PhillipCapital analyst Peggy Mak has maintained her "reduce" call with a higher target price of $5.91 from $5.45 previously as she rolls her estimates over to SIA's new FY. Her new target price is still based on a 1 times the airline's FY2025 P/B. "This factors in a projected 31% decline in net profit for FY2025," she says.
In her Feb 22 report, Mak noted only negatives, which include escalating costs, revenue which grew slower than the surge in passenger volume and lower operating profit due to a drop in Scoot's operating profit and lower cargo revenue. The net profit gain was also due to several one-offs, while the airline's debt rose after a partial redemption of its mandatory convertible bonds (MCBs).
"Yields are expected to fall further as airfares continue to normalize. Airlines are expected to lower fares to fill seats as travel demand eases. On the other hand, costs are expected to rise with more flight restorations and more new airlines launching services," says Mak. That said, she has raised her net profit estimates for the FY2024 by 10.5% as SIA's passenger load factors are coming in above her earlier assumptions.
Moomoo Singapore analyst Isaac Lim has given SIA a conviction level of "good" with a target price of $7.30.
"SIA looks set to continue its outperformance, especially with the latest earnings announcement. The main factors contributing to SIA's continued outperformance would be the complete lift of the Vaccinated Travel Framework (VTF).
"Investors can expect to see greater passenger loads that contribute to profitability going forward. And investors can see a preview of this with the latest 3Q announcement that passenger capacity is now close to pre-pandemic levels," says Lim in his report dated Feb 21.

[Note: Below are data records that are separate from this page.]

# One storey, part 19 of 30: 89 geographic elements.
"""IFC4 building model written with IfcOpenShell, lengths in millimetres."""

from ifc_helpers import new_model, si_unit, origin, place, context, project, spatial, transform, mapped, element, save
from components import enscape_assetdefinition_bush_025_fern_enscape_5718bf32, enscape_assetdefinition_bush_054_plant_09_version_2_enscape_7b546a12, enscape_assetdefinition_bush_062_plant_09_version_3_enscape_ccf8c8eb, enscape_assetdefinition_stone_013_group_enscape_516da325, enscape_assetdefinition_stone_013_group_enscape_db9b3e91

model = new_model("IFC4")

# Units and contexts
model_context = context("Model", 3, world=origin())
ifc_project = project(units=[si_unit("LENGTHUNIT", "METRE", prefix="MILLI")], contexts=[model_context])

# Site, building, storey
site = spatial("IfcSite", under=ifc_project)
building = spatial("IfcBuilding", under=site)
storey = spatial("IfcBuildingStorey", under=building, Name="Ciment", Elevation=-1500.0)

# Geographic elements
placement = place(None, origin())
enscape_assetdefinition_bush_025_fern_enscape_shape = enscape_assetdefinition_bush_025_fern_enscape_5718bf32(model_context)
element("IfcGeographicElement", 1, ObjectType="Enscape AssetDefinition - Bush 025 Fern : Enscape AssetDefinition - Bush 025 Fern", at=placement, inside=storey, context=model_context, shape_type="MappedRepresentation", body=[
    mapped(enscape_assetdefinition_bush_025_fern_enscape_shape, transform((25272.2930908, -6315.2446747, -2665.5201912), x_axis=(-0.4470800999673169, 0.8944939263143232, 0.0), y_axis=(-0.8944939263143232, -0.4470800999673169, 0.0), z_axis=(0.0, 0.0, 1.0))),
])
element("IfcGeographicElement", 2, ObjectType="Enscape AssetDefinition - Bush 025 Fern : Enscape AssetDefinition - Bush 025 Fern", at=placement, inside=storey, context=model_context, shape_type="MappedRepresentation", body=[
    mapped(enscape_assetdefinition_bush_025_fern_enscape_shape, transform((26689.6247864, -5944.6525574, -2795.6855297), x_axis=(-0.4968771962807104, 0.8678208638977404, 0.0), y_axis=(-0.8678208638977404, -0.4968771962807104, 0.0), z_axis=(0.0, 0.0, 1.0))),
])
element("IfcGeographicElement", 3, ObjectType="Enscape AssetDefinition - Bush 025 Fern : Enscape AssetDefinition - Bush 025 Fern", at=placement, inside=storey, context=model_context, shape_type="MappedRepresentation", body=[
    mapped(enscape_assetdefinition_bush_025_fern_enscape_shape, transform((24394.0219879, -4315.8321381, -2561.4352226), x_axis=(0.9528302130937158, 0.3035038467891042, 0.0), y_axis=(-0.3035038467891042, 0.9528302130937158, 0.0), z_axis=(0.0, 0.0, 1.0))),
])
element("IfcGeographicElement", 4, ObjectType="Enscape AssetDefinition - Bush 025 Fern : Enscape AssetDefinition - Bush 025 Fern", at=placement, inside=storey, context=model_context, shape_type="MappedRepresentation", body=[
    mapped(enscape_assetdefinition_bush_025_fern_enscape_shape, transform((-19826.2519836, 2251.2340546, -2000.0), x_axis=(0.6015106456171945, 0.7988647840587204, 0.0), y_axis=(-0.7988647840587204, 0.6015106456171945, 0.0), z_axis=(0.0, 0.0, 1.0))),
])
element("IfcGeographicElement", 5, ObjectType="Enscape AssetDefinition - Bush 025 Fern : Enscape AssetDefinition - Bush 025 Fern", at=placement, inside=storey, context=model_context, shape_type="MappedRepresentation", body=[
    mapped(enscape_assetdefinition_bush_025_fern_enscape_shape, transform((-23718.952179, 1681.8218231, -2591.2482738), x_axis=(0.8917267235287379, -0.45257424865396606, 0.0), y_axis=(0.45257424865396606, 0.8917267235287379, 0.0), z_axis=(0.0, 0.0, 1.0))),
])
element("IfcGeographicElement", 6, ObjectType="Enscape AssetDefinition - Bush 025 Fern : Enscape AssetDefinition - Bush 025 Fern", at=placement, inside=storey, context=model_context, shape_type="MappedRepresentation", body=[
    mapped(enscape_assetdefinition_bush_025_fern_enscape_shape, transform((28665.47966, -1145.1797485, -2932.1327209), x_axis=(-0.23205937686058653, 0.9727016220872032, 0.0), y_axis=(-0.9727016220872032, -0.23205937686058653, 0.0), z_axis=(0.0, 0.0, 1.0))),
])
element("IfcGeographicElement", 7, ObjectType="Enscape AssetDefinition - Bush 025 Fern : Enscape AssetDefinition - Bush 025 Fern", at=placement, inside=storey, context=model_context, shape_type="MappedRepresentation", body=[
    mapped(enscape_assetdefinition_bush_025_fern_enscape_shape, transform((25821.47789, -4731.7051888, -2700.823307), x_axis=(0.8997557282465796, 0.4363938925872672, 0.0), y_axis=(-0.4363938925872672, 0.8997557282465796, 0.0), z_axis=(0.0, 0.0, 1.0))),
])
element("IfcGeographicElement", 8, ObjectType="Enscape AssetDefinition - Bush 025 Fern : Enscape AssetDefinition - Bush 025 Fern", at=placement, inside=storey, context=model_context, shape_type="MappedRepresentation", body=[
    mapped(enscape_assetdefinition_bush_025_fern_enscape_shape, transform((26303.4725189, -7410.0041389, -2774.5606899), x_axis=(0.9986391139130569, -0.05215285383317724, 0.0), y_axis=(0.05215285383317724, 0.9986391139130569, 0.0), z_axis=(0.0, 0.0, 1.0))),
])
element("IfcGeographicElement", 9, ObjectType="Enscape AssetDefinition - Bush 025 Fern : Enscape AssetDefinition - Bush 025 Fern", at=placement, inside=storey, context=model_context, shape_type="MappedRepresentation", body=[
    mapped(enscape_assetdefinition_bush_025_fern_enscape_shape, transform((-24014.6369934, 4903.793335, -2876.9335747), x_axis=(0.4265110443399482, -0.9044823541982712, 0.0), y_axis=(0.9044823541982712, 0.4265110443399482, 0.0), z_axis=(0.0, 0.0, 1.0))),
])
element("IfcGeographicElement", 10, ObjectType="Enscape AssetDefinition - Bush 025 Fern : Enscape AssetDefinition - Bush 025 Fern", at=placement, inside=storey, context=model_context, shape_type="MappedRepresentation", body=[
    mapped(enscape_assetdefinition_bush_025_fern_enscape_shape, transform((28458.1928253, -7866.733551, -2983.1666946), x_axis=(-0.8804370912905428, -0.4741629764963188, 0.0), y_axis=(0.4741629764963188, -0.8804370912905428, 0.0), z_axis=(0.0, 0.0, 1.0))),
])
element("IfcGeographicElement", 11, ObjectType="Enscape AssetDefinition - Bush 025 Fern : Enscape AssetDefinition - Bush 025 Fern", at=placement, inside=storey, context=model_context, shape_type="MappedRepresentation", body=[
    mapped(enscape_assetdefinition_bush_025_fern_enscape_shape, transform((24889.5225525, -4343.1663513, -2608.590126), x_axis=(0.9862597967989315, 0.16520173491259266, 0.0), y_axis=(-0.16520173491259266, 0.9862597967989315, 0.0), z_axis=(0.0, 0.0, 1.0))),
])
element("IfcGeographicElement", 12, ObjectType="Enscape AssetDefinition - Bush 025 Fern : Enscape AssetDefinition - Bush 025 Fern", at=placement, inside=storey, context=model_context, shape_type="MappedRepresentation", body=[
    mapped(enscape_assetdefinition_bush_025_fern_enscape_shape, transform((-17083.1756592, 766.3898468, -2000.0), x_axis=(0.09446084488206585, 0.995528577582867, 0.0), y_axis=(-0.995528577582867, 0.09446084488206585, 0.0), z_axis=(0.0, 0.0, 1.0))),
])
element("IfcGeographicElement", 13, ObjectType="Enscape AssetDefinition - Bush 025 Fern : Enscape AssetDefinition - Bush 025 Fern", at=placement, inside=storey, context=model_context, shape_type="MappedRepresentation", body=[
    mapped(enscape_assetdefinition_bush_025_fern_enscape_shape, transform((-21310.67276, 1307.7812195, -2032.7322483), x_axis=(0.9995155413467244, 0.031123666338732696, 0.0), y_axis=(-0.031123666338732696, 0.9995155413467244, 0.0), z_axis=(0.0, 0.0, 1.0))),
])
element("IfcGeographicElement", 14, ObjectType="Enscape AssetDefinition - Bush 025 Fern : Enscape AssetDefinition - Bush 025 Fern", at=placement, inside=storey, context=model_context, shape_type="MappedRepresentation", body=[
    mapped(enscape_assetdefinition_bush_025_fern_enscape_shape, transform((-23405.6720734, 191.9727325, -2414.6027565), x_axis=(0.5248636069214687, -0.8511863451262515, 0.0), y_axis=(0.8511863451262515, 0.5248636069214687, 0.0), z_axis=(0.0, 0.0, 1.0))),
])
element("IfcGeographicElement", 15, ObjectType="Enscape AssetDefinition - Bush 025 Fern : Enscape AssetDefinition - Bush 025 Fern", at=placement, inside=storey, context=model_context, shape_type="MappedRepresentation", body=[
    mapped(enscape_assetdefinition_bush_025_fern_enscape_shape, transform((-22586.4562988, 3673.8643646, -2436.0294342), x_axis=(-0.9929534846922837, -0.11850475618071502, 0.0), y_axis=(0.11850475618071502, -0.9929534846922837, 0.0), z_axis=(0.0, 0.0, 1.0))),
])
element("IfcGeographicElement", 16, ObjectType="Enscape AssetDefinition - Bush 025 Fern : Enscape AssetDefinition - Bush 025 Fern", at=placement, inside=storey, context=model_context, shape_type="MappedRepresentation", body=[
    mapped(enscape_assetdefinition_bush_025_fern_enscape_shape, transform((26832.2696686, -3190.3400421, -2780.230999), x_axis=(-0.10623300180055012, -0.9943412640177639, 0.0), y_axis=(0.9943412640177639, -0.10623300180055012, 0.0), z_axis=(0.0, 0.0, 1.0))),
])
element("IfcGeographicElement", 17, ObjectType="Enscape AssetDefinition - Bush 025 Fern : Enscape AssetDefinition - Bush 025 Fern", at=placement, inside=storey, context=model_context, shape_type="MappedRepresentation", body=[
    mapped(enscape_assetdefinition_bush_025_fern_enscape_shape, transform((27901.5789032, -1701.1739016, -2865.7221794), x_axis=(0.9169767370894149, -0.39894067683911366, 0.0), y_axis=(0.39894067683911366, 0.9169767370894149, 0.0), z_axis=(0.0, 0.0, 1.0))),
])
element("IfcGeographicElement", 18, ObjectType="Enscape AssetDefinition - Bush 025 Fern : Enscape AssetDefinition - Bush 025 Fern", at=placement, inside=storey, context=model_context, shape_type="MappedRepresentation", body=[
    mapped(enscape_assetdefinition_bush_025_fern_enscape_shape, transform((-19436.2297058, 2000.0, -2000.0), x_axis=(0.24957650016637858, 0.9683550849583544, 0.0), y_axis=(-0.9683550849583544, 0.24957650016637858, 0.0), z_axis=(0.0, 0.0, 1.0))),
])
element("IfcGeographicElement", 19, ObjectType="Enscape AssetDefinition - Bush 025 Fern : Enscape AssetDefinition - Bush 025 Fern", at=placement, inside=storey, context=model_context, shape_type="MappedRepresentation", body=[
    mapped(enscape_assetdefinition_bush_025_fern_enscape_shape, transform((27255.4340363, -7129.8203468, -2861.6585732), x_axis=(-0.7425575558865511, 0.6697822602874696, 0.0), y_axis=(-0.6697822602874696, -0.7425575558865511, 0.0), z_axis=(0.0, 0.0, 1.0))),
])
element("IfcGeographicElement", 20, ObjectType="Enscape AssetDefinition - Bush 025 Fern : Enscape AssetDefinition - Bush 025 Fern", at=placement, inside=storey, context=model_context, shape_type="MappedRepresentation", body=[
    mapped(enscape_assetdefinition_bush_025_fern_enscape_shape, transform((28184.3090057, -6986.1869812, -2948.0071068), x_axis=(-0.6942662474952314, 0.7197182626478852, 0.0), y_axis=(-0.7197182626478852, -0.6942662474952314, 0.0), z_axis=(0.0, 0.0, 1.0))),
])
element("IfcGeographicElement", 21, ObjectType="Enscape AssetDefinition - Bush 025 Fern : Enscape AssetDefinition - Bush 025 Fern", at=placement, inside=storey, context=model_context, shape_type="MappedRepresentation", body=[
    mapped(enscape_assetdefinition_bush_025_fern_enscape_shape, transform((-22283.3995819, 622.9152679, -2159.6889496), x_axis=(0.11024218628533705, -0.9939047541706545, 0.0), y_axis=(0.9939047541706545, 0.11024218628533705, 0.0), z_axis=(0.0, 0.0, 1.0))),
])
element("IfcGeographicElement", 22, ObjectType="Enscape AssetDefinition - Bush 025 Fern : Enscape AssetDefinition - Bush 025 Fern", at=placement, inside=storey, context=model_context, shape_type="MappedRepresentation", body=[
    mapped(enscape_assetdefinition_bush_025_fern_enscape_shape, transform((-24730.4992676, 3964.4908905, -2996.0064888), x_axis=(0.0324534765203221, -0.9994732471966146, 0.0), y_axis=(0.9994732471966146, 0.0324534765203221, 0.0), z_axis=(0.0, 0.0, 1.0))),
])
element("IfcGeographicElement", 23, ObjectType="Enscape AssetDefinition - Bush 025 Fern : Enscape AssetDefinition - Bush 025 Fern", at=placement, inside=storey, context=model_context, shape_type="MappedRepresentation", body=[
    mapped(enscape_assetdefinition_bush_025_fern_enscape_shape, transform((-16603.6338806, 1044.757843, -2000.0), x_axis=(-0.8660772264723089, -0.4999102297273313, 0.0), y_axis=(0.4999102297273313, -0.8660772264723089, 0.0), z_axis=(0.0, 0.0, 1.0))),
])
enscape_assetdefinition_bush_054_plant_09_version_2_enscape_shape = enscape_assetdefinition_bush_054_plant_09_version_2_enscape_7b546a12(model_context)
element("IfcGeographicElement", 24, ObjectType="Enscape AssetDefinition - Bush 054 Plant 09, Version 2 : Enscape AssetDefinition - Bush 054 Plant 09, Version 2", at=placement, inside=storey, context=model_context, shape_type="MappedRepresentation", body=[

"Further, with more partners onboard the codeshare scheme, this would allow SIA to sell more of their seats to passengers from other regions as well. SIA is also pushing to explore outside its traditional line of business with its expanded Krisflyer ecosphere," he adds.
That said, Lim remains cautious as he sees headwinds remaining for the airline. These include macroeconomic uncertainties and high oil prices, as well as escalating geopolitical tensions, inflationary cost pressures and unforeseen Black Swan events such as the Covid-19 pandemic. Furthermore, oil prices are unlikely to come down to its lows seen in 2023 anytime soon due to persistent inflation.
"A shortened hedging cycle would also mean that should air travel continue picking up, SIA will possibly have trouble getting fuel prices at a better hedge," he says.
In his technical analysis, Lim expects SIA's share price to bounce back towards the $7.30 resistance level as long as its price holds above the near-term support of $6.62.
"Technical indicators are bullish for now with the price holding above long-term 55-day moving average (MA). The moving average convergence/divergence (MACD) indicator is holding above 0, showing a strong buildup in bullish momentum as well. Alternatively, a weekly candlestick close back below $6.62 will see [SIA's share] price do a deeper pullback towards the $6.35 support," he adds.
Shares in SIA closed 70 cents lower or 9.5% down at $6.67 on Feb 21.